I am looking into a freezer right now. Anyone else with ideas or what works for u? Thanks for the input


----------



## gww

Squarepeg
Do you store your empty comb on top of the hives below the inner cover and does it get below freezing for any extended periods where you are?
Thanks
gww


----------



## squarepeg

yes gww, the empty drawn comb (extracted supers) are placed at the top of the stack. 

it wouldn't hurt to have one at the bottom like walt wright use to do, but i'm too lazy to put one down there and then have to bring it back up. 

i've built up enough drawn comb such that each hive will have about 4 medium supers above a single deep with the top 2 supers being pretty much empty going into winter.

this empty comb will be used for checkerboarding and opening up the brood nest starting in late february.

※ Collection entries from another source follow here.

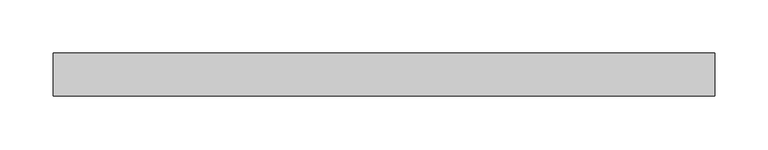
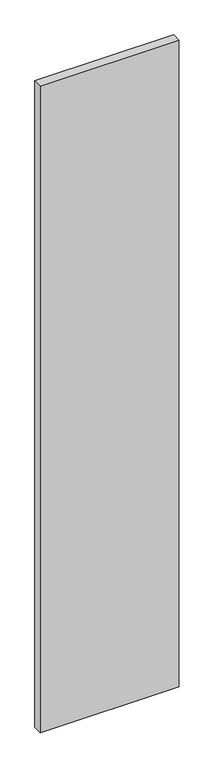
"""IFC4 building model written with IfcOpenShell, lengths in millimetres: plate geometry, Vitré."""

from ifc_helpers import new_model, si_unit, origin, origin_with_axes, place, context, project, spatial, polyline, outline, extrude, source, transform, mapped, element, save


def plate_4d061043(model_context):
    return source(origin(), model_context, "Body", "SweptSolid", [
        extrude(outline(polyline([(-309.4062498, -20.0), (-309.4062498, 20.0), (309.4062498, 20.0), (309.4062498, -20.0), (-309.4062498, -20.0)])), origin_with_axes(), (0.0, 0.0, 1.0), 3047.625),
    ])


if __name__ == "__main__":
    model = new_model("IFC4")
    model_context = context("Model", 3, world=origin())
    ifc_project = project(units=[si_unit("LENGTHUNIT", "METRE", prefix="MILLI")], contexts=[model_context])
    site = spatial("IfcSite", under=ifc_project)
    building = spatial("IfcBuilding", under=site)
    placement = place(None, origin())
    plate_shape = plate_4d061043(model_context)
    element("IfcPlate", 1, ObjectType="Vitré", at=placement, inside=building, context=model_context, shape_type="MappedRepresentation", body=[
        mapped(plate_shape, transform((0.0, 0.0, 0.0), x_axis=(1.0, 0.0, 0.0), y_axis=(0.0, 1.0, 0.0), z_axis=(0.0, 0.0, 1.0))),
    ])
    save(model, "model.ifc")
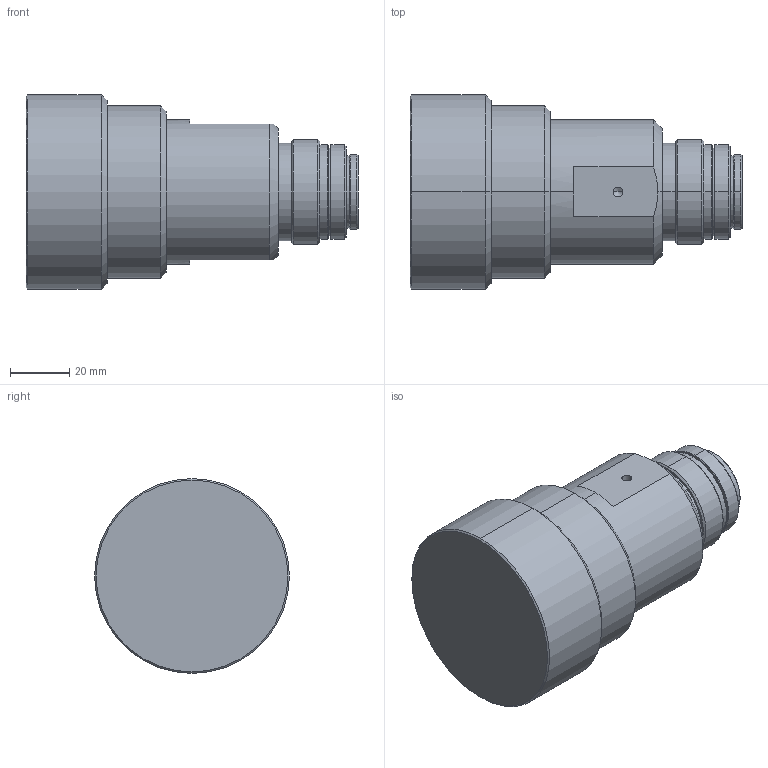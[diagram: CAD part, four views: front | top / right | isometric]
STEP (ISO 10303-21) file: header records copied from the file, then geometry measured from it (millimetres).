
FILE_DESCRIPTION (( 'STEP AP203' ), '1' );
FILE_NAME ('VS-TCM022-150_S.STEP', '2015-08-28T05:58:49', ( 'miura_vst' ), ( '' ), 'SwSTEP 2.0', 'SolidWorks 2015', '' );
FILE_SCHEMA (( 'CONFIG_CONTROL_DESIGN' ));
Length unit declared in the file: millimetre
Products named in the file (1): VS-TCM022-150_S
Bounding box: 112.5 x 66 x 66 mm (x, y, z)
Volume: 237426.5 mm3; surface area: 25119.9 mm2
Topology: 1 solids, 1 shells, 91 faces, 190 edges, 112 vertices
Faces by surface type: cone 40, cylinder 32, plane 19
Entity records: 2493 total; most frequent: DIRECTION 470, CARTESIAN_POINT 418, ORIENTED_EDGE 372, AXIS2_PLACEMENT_3D 196, EDGE_CURVE 186, VERTEX_POINT 112, EDGE_LOOP 106, CIRCLE 104

the average temperature here in the coldest part of winter is about 40. we typically have some cold spells where we might stay below freezing for a few days at the most.


----------



## SDiver40

I have had good luck freezing the frames, then placing them in large Tupperware bins. Seal them tight and store in a shed.


----------



## gww

Square
Thanks for answering my question. I like the ideal but think we might be just cold enough that it might not work where I am. It probly would work if I put them on the bottom. I still got another year before I have enough drawn comb to worry about and so have time to think on it.
Thanks
gww


----------



## Scott Gough

Squarepeg, That is an interesting way to store supers. I have not heard of anyone in our bee club around here, in northern Missouri, doing that. That would be much more convenient than trying to find space in the garage. 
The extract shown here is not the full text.